# Road Trip To Pm And Grizzly



## GarageWrench (Jul 16, 2015)

I live just outside of Detroit, my wife and I are taking a road trip to PM this Friday and should be at Grizzly (hope its ok to mention that on this forum) this Saturday in PA. The whole purpose is to help me decide between the PM-932M or the G0755 mills. Im ready to pull the trigger and narrowed my decision down to these two mills, based on cost, size and weight. 

Cant wait to hit the road and take some time off work (its been over a year) and be free of the rat race for a few days. I know the state of PA is beautiful, especially looking forward to the drive from Pitt to Muncy through the hills on the east side of the state.
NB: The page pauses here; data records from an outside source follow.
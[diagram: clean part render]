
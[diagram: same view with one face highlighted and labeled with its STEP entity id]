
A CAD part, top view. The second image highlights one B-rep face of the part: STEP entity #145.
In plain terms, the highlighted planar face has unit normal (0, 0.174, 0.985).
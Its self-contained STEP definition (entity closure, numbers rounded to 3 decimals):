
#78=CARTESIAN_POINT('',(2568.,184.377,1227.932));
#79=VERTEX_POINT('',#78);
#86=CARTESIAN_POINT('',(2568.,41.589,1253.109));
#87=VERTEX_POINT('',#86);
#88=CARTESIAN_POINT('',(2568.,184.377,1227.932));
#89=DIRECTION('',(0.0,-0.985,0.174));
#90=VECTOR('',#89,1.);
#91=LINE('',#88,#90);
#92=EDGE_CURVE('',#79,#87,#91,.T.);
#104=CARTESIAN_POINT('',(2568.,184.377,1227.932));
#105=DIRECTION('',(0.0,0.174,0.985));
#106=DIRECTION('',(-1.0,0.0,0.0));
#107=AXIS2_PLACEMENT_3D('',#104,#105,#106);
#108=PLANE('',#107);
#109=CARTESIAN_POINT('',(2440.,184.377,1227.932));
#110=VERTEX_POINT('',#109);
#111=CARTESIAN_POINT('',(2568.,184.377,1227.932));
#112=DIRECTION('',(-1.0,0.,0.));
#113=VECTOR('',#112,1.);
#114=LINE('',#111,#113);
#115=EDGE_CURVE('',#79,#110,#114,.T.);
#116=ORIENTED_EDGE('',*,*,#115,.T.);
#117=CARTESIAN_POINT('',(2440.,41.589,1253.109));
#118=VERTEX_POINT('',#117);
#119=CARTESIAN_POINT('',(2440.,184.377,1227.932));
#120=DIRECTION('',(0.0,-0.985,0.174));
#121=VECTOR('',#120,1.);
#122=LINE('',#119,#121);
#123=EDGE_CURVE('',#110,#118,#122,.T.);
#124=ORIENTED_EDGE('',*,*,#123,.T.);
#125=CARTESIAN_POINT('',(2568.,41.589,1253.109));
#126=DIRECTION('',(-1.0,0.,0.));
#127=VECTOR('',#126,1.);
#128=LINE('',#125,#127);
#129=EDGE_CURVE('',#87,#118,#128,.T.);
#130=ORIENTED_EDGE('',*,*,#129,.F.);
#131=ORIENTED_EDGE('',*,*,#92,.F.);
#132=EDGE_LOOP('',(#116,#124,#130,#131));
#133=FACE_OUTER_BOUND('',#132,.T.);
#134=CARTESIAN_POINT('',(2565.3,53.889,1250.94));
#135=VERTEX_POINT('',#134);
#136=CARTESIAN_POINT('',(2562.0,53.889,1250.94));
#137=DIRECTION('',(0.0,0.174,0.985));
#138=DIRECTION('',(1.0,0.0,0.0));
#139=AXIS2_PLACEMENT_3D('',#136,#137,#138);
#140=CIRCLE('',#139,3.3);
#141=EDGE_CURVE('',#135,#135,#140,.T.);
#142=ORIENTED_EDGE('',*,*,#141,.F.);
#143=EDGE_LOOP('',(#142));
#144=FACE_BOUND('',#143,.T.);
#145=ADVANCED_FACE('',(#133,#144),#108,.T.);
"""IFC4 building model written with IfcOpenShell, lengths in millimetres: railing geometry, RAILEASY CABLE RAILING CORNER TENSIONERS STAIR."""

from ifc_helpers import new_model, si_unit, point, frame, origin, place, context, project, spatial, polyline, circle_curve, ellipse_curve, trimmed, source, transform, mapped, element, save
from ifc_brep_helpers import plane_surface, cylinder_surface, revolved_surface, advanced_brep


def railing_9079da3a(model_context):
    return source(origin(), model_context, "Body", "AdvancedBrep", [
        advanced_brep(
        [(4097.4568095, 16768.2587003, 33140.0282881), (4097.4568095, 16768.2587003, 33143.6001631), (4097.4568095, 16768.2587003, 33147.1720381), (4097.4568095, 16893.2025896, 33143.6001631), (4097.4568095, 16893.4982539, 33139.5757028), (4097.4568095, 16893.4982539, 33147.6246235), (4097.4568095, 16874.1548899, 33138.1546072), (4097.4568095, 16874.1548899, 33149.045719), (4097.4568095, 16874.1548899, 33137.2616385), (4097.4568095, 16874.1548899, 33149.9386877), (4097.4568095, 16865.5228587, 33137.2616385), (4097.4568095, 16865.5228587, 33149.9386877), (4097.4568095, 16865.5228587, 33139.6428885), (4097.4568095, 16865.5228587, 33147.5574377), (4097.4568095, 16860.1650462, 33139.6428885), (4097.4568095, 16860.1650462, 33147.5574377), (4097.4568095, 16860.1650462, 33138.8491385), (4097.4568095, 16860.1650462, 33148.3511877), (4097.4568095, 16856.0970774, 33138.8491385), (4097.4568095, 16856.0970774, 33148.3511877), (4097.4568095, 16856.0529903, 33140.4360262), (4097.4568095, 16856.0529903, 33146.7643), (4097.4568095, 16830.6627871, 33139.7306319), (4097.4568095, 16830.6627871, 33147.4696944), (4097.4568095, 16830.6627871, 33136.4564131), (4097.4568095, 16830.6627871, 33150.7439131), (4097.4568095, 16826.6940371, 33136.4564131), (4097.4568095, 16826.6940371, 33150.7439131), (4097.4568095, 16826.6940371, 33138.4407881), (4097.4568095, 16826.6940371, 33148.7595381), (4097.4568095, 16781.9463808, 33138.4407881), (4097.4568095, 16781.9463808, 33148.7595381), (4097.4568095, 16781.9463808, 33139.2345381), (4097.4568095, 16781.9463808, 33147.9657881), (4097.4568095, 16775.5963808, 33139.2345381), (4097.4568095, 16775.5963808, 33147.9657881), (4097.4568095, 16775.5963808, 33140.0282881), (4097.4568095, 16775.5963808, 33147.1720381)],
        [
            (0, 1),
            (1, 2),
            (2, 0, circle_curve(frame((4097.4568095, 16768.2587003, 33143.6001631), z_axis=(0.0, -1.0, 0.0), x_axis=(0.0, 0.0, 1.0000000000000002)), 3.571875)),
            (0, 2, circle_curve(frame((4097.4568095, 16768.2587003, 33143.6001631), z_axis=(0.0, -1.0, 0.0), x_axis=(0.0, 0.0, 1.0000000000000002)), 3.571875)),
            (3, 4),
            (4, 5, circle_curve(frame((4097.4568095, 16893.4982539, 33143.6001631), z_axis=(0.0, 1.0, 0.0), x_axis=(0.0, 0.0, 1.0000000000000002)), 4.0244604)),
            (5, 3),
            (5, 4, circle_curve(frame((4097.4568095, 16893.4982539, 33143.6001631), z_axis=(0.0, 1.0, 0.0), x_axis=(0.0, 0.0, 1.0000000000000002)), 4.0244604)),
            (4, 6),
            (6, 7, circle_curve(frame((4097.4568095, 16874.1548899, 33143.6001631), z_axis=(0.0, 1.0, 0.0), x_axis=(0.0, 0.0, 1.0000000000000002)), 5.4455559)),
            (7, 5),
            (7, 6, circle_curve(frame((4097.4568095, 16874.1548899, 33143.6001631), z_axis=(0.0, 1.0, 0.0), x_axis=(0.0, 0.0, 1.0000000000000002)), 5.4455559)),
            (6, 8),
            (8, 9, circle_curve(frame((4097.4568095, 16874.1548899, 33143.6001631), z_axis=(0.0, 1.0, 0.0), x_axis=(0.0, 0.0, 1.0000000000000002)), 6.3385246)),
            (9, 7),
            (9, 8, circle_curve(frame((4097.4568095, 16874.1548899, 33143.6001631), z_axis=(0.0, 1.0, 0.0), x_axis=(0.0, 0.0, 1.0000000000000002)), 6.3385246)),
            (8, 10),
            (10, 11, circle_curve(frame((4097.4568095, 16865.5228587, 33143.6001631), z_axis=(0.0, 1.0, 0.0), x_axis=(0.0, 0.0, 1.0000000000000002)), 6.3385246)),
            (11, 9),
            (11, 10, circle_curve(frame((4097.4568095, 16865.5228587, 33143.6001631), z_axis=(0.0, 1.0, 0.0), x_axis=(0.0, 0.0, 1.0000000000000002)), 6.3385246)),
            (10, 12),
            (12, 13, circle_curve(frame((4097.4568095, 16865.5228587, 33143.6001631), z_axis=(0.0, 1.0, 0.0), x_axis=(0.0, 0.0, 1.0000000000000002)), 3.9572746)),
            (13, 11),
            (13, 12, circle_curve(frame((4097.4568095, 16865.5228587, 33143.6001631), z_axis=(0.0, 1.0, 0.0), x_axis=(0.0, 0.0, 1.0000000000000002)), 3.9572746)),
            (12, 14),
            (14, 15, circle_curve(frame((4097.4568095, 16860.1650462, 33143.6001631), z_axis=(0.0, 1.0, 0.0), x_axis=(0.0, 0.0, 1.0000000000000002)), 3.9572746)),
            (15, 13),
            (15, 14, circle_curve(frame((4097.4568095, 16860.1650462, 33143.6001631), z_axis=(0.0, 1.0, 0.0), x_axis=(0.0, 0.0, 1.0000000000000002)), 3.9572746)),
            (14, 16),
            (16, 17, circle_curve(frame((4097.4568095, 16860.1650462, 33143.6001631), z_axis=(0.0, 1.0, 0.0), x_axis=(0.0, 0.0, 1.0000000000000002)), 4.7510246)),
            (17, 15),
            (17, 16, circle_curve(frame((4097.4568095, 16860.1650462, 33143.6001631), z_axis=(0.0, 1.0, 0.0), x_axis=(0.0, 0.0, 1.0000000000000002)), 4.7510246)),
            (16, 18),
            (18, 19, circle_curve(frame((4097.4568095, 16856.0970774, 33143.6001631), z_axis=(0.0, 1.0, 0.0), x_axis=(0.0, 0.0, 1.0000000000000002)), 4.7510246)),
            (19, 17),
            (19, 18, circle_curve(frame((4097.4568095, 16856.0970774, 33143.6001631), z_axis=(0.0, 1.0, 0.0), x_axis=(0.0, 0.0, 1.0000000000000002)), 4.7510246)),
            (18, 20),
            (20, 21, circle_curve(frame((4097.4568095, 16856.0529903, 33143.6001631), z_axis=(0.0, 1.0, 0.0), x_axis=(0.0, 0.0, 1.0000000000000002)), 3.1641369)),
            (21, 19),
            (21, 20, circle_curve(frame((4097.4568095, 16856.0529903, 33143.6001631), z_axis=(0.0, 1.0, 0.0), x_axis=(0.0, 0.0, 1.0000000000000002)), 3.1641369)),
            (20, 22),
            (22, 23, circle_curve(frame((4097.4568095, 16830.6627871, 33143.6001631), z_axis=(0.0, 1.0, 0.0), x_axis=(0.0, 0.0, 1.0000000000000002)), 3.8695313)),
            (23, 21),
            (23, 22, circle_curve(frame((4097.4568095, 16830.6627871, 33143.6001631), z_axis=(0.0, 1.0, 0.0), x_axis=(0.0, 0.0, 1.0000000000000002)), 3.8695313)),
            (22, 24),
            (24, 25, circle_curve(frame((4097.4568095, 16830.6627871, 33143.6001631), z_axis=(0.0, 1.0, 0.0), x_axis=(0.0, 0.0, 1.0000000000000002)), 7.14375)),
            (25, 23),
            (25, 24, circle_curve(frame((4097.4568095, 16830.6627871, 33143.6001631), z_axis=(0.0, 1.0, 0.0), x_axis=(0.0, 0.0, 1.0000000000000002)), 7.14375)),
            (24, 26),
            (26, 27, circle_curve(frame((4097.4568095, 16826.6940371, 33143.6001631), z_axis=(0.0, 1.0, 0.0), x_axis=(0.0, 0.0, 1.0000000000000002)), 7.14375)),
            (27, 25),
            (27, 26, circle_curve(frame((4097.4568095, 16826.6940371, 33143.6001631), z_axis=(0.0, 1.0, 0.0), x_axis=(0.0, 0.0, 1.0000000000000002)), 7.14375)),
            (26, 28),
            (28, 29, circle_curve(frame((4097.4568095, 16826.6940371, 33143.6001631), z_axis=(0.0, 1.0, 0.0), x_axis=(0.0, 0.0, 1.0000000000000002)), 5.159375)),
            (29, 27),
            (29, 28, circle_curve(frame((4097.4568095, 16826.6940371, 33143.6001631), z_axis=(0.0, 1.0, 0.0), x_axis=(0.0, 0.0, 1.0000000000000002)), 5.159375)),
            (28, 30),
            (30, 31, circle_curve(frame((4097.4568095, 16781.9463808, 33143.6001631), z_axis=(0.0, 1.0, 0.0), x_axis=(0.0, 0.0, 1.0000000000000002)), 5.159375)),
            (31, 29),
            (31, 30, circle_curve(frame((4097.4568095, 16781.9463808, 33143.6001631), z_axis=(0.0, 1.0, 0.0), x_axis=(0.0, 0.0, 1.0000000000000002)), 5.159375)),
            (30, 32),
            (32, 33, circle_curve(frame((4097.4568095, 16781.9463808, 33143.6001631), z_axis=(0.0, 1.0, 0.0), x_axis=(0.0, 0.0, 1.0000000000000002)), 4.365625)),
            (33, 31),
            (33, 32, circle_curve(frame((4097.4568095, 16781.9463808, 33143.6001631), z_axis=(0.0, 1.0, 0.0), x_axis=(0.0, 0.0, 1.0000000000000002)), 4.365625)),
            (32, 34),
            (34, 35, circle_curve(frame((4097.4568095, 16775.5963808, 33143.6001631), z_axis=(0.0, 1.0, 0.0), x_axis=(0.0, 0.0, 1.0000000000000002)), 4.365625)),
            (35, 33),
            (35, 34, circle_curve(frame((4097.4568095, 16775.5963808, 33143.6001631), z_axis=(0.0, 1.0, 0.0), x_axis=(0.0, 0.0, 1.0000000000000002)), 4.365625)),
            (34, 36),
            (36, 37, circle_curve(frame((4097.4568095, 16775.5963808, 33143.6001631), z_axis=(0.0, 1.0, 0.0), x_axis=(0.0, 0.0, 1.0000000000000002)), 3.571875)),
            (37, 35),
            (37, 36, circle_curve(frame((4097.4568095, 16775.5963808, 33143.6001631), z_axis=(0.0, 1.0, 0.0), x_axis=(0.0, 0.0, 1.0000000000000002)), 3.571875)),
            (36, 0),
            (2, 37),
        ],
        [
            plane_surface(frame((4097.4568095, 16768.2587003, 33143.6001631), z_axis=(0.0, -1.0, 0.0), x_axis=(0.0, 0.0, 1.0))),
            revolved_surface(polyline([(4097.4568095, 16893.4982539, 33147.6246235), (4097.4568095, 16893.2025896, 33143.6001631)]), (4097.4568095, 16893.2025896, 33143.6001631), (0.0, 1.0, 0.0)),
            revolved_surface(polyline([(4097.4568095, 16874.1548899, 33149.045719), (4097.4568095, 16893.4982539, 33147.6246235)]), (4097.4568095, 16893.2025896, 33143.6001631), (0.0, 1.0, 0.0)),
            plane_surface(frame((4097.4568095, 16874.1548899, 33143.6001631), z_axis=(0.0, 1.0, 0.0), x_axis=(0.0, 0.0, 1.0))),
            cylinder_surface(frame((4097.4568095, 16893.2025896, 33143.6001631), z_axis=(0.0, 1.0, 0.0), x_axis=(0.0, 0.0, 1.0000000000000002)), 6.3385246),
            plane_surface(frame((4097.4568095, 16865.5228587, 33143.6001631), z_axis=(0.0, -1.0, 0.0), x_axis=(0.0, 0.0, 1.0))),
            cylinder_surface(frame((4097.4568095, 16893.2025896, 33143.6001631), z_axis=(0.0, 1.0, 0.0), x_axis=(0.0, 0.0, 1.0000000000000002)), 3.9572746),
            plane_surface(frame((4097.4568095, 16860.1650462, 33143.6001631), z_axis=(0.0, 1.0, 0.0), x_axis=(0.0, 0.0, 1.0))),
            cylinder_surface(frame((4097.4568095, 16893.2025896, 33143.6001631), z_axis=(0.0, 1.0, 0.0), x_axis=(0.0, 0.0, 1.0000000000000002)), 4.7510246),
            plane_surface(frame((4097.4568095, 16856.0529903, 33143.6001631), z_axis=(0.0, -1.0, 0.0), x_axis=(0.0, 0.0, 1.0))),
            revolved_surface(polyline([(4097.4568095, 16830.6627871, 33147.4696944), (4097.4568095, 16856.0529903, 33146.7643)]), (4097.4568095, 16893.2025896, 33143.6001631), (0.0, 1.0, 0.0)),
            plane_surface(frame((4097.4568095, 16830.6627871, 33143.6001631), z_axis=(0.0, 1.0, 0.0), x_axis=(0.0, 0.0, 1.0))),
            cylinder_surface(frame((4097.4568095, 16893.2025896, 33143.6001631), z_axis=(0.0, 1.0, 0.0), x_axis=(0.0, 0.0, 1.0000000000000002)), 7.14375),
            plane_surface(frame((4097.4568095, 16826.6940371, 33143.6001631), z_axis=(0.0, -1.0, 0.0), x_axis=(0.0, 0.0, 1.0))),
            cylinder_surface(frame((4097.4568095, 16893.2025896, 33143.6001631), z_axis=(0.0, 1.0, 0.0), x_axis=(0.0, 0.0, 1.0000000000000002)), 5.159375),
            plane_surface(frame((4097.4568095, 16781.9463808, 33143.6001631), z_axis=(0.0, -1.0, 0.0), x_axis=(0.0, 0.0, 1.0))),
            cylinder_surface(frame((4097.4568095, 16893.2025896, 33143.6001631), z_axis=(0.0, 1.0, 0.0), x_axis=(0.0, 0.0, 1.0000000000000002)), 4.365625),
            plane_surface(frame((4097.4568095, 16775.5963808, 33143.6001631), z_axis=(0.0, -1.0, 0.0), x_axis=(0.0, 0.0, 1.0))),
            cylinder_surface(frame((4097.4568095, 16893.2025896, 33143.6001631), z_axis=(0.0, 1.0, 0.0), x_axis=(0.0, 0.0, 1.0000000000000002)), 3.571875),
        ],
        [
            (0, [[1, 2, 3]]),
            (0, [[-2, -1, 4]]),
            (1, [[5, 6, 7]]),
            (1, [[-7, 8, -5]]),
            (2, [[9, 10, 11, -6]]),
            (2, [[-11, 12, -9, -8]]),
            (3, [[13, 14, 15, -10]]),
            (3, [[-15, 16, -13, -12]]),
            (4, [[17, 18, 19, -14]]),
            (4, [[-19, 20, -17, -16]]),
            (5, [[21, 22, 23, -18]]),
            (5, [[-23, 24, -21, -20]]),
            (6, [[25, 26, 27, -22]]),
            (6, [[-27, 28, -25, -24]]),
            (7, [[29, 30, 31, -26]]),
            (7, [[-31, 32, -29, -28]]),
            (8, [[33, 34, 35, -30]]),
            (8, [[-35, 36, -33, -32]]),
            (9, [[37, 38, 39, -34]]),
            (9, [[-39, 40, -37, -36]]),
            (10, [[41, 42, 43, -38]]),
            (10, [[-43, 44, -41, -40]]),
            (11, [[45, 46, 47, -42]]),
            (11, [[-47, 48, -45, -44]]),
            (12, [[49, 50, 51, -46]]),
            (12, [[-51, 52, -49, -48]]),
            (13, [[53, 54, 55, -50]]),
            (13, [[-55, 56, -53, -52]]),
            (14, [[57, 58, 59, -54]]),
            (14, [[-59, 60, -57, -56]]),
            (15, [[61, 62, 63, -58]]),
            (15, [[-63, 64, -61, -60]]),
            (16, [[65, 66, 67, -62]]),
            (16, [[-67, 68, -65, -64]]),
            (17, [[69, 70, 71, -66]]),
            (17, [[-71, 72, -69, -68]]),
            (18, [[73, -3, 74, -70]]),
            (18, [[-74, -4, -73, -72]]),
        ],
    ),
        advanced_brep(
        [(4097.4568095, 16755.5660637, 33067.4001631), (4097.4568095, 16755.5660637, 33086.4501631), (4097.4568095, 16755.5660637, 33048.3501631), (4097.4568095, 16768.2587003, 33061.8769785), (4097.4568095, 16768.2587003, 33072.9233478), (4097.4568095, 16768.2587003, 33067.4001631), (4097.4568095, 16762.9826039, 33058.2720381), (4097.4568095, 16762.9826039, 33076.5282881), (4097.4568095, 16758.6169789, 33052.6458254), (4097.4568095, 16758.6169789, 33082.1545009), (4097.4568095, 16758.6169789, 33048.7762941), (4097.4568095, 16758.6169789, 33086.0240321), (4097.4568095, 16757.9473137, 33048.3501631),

The reason for the post is to hear some of your opinions on my decision I need to make between those two mills. Trust many of you have an opinion and looking forward to reading what you have to say.

Really enjoy The Hobby-Machinest Forum, been a blessing. Oh ya, one more thing, have a nice weekend while I'm driving around beautiful PA, with no worries and no time clock, checking out new mechines and being a vagabond for several days  (hehe). 

"Buck" GarageWrench


----------



## TomS (Jul 16, 2015)

GarageWrench said:


> I live just outside of Detroit, my wife and I are taking a road trip to PM this Friday and should be at Grizzly (hope its ok to mention that on this forum) this Saturday in PA. The whole purpose is to help me decide between the PM-932M or the G0755 mills. Im ready to pull the trigger and narrowed my decision down to these two mills, based on cost, size and weight.
> 
> Cant wait to hit the road and take some time off work (its been over a year) and be free of the rat race for a few days. I know the state of PA is beautiful, especially looking forward to the drive from Pitt to Muncy through the hills on the east side of the state.
> 
> ...



I have the PM932M that I converted to CNC.  It's a very good quality mill and the three year warranty is a nice feature.  The cast iron vs. a sheet metal pedestal is also good to have.  l Don't know anything about the Grizzly mill but I did have a G4000 lathe and have a Griz 6" rotary table and I have no complaints about either.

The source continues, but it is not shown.